NOT PRECEDENTIAL
UNITED STATES COURT OF APPEALS FOR THE THIRD CIRCUIT _______________
No. 22-3465 _______________
UNITED STATES OF AMERICA
v.
ERNEST FENNELL, JR., Appellant _______________
On Appeal from the United States District Court For the District of Delaware (D.C. No. 1-22-cr-053-001) District Judge: Honorable Colm F. Connolly _______________
Submitted Under Third Circuit L.A.R. 34.1(a) October 31, 2023
Before: JORDAN, ROTH, and AMBRO, Circuit Judges
(Filed: February 7, 2024) _______________
OPINION _______________
This disposition is not an opinion of the full court and, pursuant to I.O.P. 5.7, does not constitute binding precedent. JORDAN, Circuit Judge.
Ernest Fennell, Jr. challenges his sentence, arguing that the District Court should
not have applied an enhancement under § 2K2.1(b)(6)(B) of the United States Sentencing
Guidelines (“guidelines”) for his possession of a firearm in connection with another
felony – namely, aggravated menacing under 11 Del. Code § 602(b). Because the
District Court did not clearly err in deciding that Fennell’s actions satisfied the elements
for aggravated menacing, we will affirm.
I. BACKGROUND1
On March 20, 2022, Fennell went to a hookah lounge in Wilmington, Delaware.

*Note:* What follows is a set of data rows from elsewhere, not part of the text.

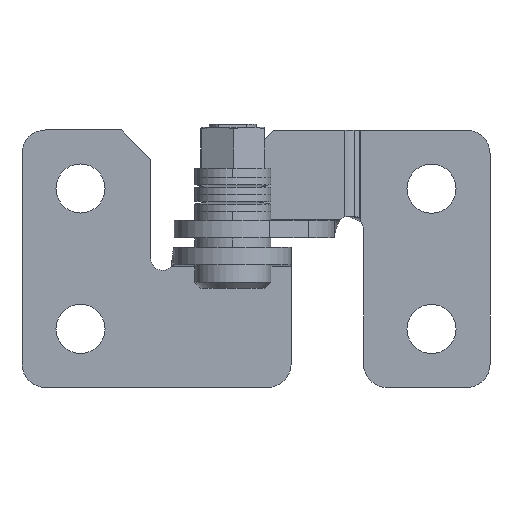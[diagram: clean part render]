
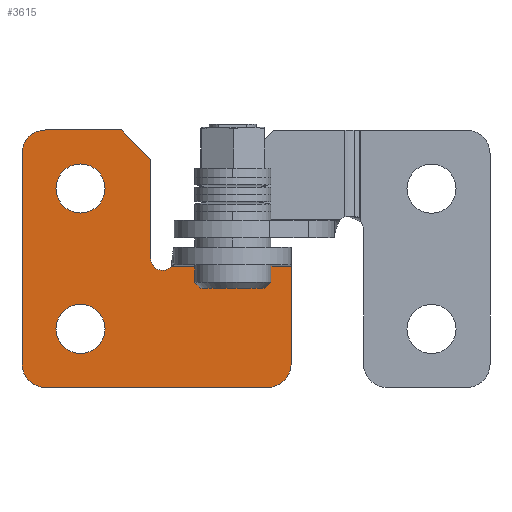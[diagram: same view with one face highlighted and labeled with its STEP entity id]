
A CAD part, front view. The second image highlights one B-rep face of the part: STEP entity #3615.
In plain terms, the highlighted planar face has unit normal (0, -1, 0).
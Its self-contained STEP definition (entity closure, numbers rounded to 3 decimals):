
#38 = LINE ( 'NONE', #1126, #4551 ) ;
#45 = VERTEX_POINT ( 'NONE', #928 ) ;
#78 = ORIENTED_EDGE ( 'NONE', *, *, #5115, .F. ) ;
#110 = DIRECTION ( 'NONE',  ( 1., 0., 0. ) ) ;
#338 = CARTESIAN_POINT ( 'NONE',  ( -38.612, 18.221, 36. ) ) ;
#396 = CARTESIAN_POINT ( 'NONE',  ( -56.612, 18.221, 24. ) ) ;
#474 = VERTEX_POINT ( 'NONE', #1455 ) ;
#518 = PLANE ( 'NONE',  #4363 ) ;
#539 = ORIENTED_EDGE ( 'NONE', *, *, #3762, .F. ) ;
#673 = VERTEX_POINT ( 'NONE', #1715 ) ;
#700 = LINE ( 'NONE', #2919, #2746 ) ;
#773 = AXIS2_PLACEMENT_3D ( 'NONE', #3367, #1261, #4723 ) ;
#857 = CARTESIAN_POINT ( 'NONE',  ( -48.834, 18.221, 29.372 ) ) ;
#864 = ORIENTED_EDGE ( 'NONE', *, *, #3926, .F. ) ;
#918 = CIRCLE ( 'NONE', #1410, 2. ) ;
#928 = CARTESIAN_POINT ( 'NONE',  ( -53.112, 18.221, 41. ) ) ;
#1039 = VECTOR ( 'NONE', #2297, 1000. ) ;
#1057 = DIRECTION ( 'NONE',  ( 0., 1., 0. ) ) ;
#1058 = EDGE_CURVE ( 'NONE', #4814, #4735, #3279, .T. ) ;
#1062 = AXIS2_PLACEMENT_3D ( 'NONE', #1220, #5025, #1257 ) ;
#1084 = CARTESIAN_POINT ( 'NONE',  ( -59.612, 18.221, 39. ) ) ;
#1099 = CIRCLE ( 'NONE', #2220, 1. ) ;
#1105 = CIRCLE ( 'NONE', #3417, 2.1 ) ;
#1126 = CARTESIAN_POINT ( 'NONE',  ( -45.862, 18.221, 33.75 ) ) ;
#1136 = VERTEX_POINT ( 'NONE', #4214 ) ;
#1160 = EDGE_CURVE ( 'NONE', #673, #2362, #4682, .T. ) ;
#1177 = ORIENTED_EDGE ( 'NONE', *, *, #3351, .F. ) ;
#1189 = EDGE_CURVE ( 'NONE', #1877, #2074, #700, .T. ) ;
#1220 = CARTESIAN_POINT ( 'NONE',  ( -56.612, 18.221, 36. ) ) ;
#1257 = DIRECTION ( 'NONE',  ( 1., 0., 0. ) ) ;
#1261 = DIRECTION ( 'NONE',  ( 0., 1., 0. ) ) ;
#1354 = VECTOR ( 'NONE', #4496, 1000. ) ;
#1410 = AXIS2_PLACEMENT_3D ( 'NONE', #3586, #1057, #4452 ) ;
#1412 = LINE ( 'NONE', #4644, #4541 ) ;
#1437 = DIRECTION ( 'NONE',  ( 0., 1., 0. ) ) ;
#1455 = CARTESIAN_POINT ( 'NONE',  ( -61.612, 18.221, 39. ) ) ;
#1492 = EDGE_LOOP ( 'NONE', ( #2740, #78, #1177, #3878, #864, #2452, #539, #3661, #4743, #5007, #2946 ) ) ;
#1557 = CIRCLE ( 'NONE', #5364, 2.1 ) ;
#1579 = CARTESIAN_POINT ( 'NONE',  ( -59.612, 18.221, 19. ) ) ;
#1618 = CARTESIAN_POINT ( 'NONE',  ( -54.512, 18.221, 24. ) ) ;
#1648 = DIRECTION ( 'NONE',  ( -1., 0., 0. ) ) ;
#1679 = AXIS2_PLACEMENT_3D ( 'NONE', #396, #4695, #3358 ) ;
#1705 = CARTESIAN_POINT ( 'NONE',  ( -50.612, 18.221, 30. ) ) ;
#1715 = CARTESIAN_POINT ( 'NONE',  ( -38.612, 18.221, 29.372 ) ) ;
#1729 = EDGE_CURVE ( 'NONE', #5187, #4689, #5037, .T. ) ;
#1745 = EDGE_LOOP ( 'NONE', ( #2034, #1800 ) ) ;
#1784 = LINE ( 'NONE', #4983, #5306 ) ;
#1800 = ORIENTED_EDGE ( 'NONE', *, *, #1729, .T. ) ;
#1839 = CARTESIAN_POINT ( 'NONE',  ( -56.612, 18.221, 24. ) ) ;
#1876 = CARTESIAN_POINT ( 'NONE',  ( -61.612, 18.221, 41. ) ) ;
#1877 = VERTEX_POINT ( 'NONE', #2171 ) ;
#1905 = CARTESIAN_POINT ( 'NONE',  ( -54.512, 18.221, 36. ) ) ;
#2034 = ORIENTED_EDGE ( 'NONE', *, *, #3381, .T. ) ;
#2074 = VERTEX_POINT ( 'NONE', #1579 ) ;
#2171 = CARTESIAN_POINT ( 'NONE',  ( -40.612, 18.221, 19. ) ) ;
#2195 = ORIENTED_EDGE ( 'NONE', *, *, #4495, .T. ) ;
#2220 = AXIS2_PLACEMENT_3D ( 'NONE', #2254, #2651, #3472 ) ;
#2254 = CARTESIAN_POINT ( 'NONE',  ( -49.612, 18.221, 30. ) ) ;
#2297 = DIRECTION ( 'NONE',  ( 1., 0., 0. ) ) ;
#2362 = VERTEX_POINT ( 'NONE', #3869 ) ;
#2421 = CIRCLE ( 'NONE', #4225, 2. ) ;
#2452 = ORIENTED_EDGE ( 'NONE', *, *, #2846, .F. ) ;
#2586 = CARTESIAN_POINT ( 'NONE',  ( -50.612, 18.221, 38.5 ) ) ;
#2627 = FACE_OUTER_BOUND ( 'NONE', #1492, .T. ) ;
#2651 = DIRECTION ( 'NONE',  ( 0., -1., 0. ) ) ;
#2740 = ORIENTED_EDGE ( 'NONE', *, *, #1160, .F. ) ;
#2746 = VECTOR ( 'NONE', #1648, 1000. ) ;
#2774 = ORIENTED_EDGE ( 'NONE', *, *, #3073, .T. ) ;
#2791 = EDGE_CURVE ( 'NONE', #2362, #1877, #5362, .T. ) ;
#2793 = VERTEX_POINT ( 'NONE', #5151 ) ;
#2846 = EDGE_CURVE ( 'NONE', #1136, #45, #3414, .T. ) ;
#2919 = CARTESIAN_POINT ( 'NONE',  ( -61.612, 18.221, 19. ) ) ;
#2935 = DIRECTION ( 'NONE',  ( 0., 0., 1. ) ) ;
#2946 = ORIENTED_EDGE ( 'NONE', *, *, #2791, .F. ) ;
#3073 = EDGE_CURVE ( 'NONE', #3725, #4547, #1105, .T. ) ;
#3080 = DIRECTION ( 'NONE',  ( 0., 1., 0. ) ) ;
#3279 = LINE ( 'NONE', #4975, #1354 ) ;
#3351 = EDGE_CURVE ( 'NONE', #4735, #4092, #1099, .T. ) ;
#3358 = DIRECTION ( 'NONE',  ( 1., 0., 0. ) ) ;
#3367 = CARTESIAN_POINT ( 'NONE',  ( -40.612, 18.221, 21. ) ) ;
#3381 = EDGE_CURVE ( 'NONE', #4689, #5187, #1557, .T. ) ;
#3414 = LINE ( 'NONE', #1876, #1039 ) ;
#3417 = AXIS2_PLACEMENT_3D ( 'NONE', #4597, #5073, #4236 ) ;
#3435 = CARTESIAN_POINT ( 'NONE',  ( -58.712, 18.221, 36. ) ) ;
#3448 = CARTESIAN_POINT ( 'NONE',  ( -43.612, 18.221, 36. ) ) ;
#3472 = DIRECTION ( 'NONE',  ( 1., 0., 0. ) ) ;
#3526 = EDGE_LOOP ( 'NONE', ( #2195, #2774 ) ) ;
#3534 = VECTOR ( 'NONE', #5024, 1000. ) ;
#3586 = CARTESIAN_POINT ( 'NONE',  ( -59.612, 18.221, 21. ) ) ;
#3615 = ADVANCED_FACE ( 'NONE', ( #4966, #4901, #2627 ), #518, .T. ) ;
#3661 = ORIENTED_EDGE ( 'NONE', *, *, #4463, .F. ) ;
#3725 = VERTEX_POINT ( 'NONE', #1905 ) ;
#3762 = EDGE_CURVE ( 'NONE', #474, #1136, #2421, .T. ) ;
#3869 = CARTESIAN_POINT ( 'NONE',  ( -38.612, 18.221, 21. ) ) ;
#3878 = ORIENTED_EDGE ( 'NONE', *, *, #1058, .F. ) ;
#3914 = DIRECTION ( 'NONE',  ( 1., 0., 0. ) ) ;
#3926 = EDGE_CURVE ( 'NONE', #45, #4814, #38, .T. ) ;
#4092 = VERTEX_POINT ( 'NONE', #857 ) ;
#4214 = CARTESIAN_POINT ( 'NONE',  ( -59.612, 18.221, 41. ) ) ;
#4225 = AXIS2_PLACEMENT_3D ( 'NONE', #1084, #1437, #4888 ) ;
#4236 = DIRECTION ( 'NONE',  ( 1., 0., 0. ) ) ;
#4363 = AXIS2_PLACEMENT_3D ( 'NONE', #3448, #5218, #110 ) ;
#4452 = DIRECTION ( 'NONE',  ( 0., 0., 1. ) ) ;
#4463 = EDGE_CURVE ( 'NONE', #2793, #474, #1412, .T. ) ;
#4495 = EDGE_CURVE ( 'NONE', #4547, #3725, #4818, .T. ) ;
#4496 = DIRECTION ( 'NONE',  ( 0., 0., -1. ) ) ;
#4541 = VECTOR ( 'NONE', #2935, 1000. ) ;
#4547 = VERTEX_POINT ( 'NONE', #3435 ) ;
#4551 = VECTOR ( 'NONE', #4991, 1000. ) ;
#4597 = CARTESIAN_POINT ( 'NONE',  ( -56.612, 18.221, 36. ) ) ;
#4644 = CARTESIAN_POINT ( 'NONE',  ( -61.612, 18.221, 41. ) ) ;
#4682 = LINE ( 'NONE', #338, #3534 ) ;
#4689 = VERTEX_POINT ( 'NONE', #4802 ) ;
#4695 = DIRECTION ( 'NONE',  ( 0., 1., 0. ) ) ;
#4723 = DIRECTION ( 'NONE',  ( 0., 0., 1. ) ) ;
#4735 = VERTEX_POINT ( 'NONE', #1705 ) ;
#4743 = ORIENTED_EDGE ( 'NONE', *, *, #4915, .F. ) ;
#4802 = CARTESIAN_POINT ( 'NONE',  ( -58.712, 18.221, 24. ) ) ;
#4814 = VERTEX_POINT ( 'NONE', #2586 ) ;
#4818 = CIRCLE ( 'NONE', #1062, 2.1 ) ;
#4888 = DIRECTION ( 'NONE',  ( 0., 0., 1. ) ) ;
#4901 = FACE_BOUND ( 'NONE', #1745, .T. ) ;
#4915 = EDGE_CURVE ( 'NONE', #2074, #2793, #918, .T. ) ;
#4966 = FACE_BOUND ( 'NONE', #3526, .T. ) ;
#4975 = CARTESIAN_POINT ( 'NONE',  ( -50.612, 18.221, 30. ) ) ;
#4983 = CARTESIAN_POINT ( 'NONE',  ( -43.612, 18.221, 29.372 ) ) ;
#4991 = DIRECTION ( 'NONE',  ( 0.707, 0., -0.707 ) ) ;
#5007 = ORIENTED_EDGE ( 'NONE', *, *, #1189, .F. ) ;
#5024 = DIRECTION ( 'NONE',  ( 0., 0., -1. ) ) ;
#5025 = DIRECTION ( 'NONE',  ( 0., 1., 0. ) ) ;
#5037 = CIRCLE ( 'NONE', #1679, 2.1 ) ;
#5073 = DIRECTION ( 'NONE',  ( 0., 1., 0. ) ) ;
#5115 = EDGE_CURVE ( 'NONE', #4092, #673, #1784, .T. ) ;
#5151 = CARTESIAN_POINT ( 'NONE',  ( -61.612, 18.221, 21. ) ) ;
#5187 = VERTEX_POINT ( 'NONE', #1618 ) ;
#5218 = DIRECTION ( 'NONE',  ( 0., -1., 0. ) ) ;
#5306 = VECTOR ( 'NONE', #5390, 1000. ) ;
#5362 = CIRCLE ( 'NONE', #773, 2. ) ;
#5364 = AXIS2_PLACEMENT_3D ( 'NONE', #1839, #3080, #3914 ) ;
#5390 = DIRECTION ( 'NONE',  ( 1., 0., 0. ) ) ;

After taking some “ecstasy” pills2 and having some drinks, he “blacked out” in the
lounge. (Opening Br. at 4.) He had arrived with a friend, but the friend left, so Fennell
found himself alone and without a ride home. At some point, he left the lounge and was
not permitted to reenter because it prohibited reentry after 1:00 a.m. He asked the
lounge’s security guard if he could charge his phone, as he had no way to get home. The
1 This factual background is drawn from the undisputed facts outlined in the Presentence Investigation Report that were related at sentencing and adopted by the District Court. 2 The exact nature of the pills Fennell took is not clear from the record, but they are referred to as ecstasy pills in the briefing and the Presentence Investigation Report.
2 guard charged Fennell’s phone for ten minutes, returned it to him, and then Fennell
walked away.
As the lounge was closing, patrons who were leaving complained to the security
guard that someone in the parking lot was trying to get a ride and was pulling on car door
handles. In the parking lot, the security guard confronted Fennell in what the guard
described as a verbal altercation. As the guard approached, Fennell pulled a gun out from
his jeans and told the guard to back up and that his issue was not with him. When
Fennell flashed the gun the security guard stopped, stepped back, told Fennell not to
worry about it and wished him a good night, and then got into his car. Sometime later
that night, the security guard flagged down a Wilmington police car patrolling the area
and reported the incident. Police officers later arrested Fennell at a nearby hotel where he
was knocking on the doors of hotel rooms. During a search incident to the arrest, the
officers found a holstered handgun in Fennell’s waistband.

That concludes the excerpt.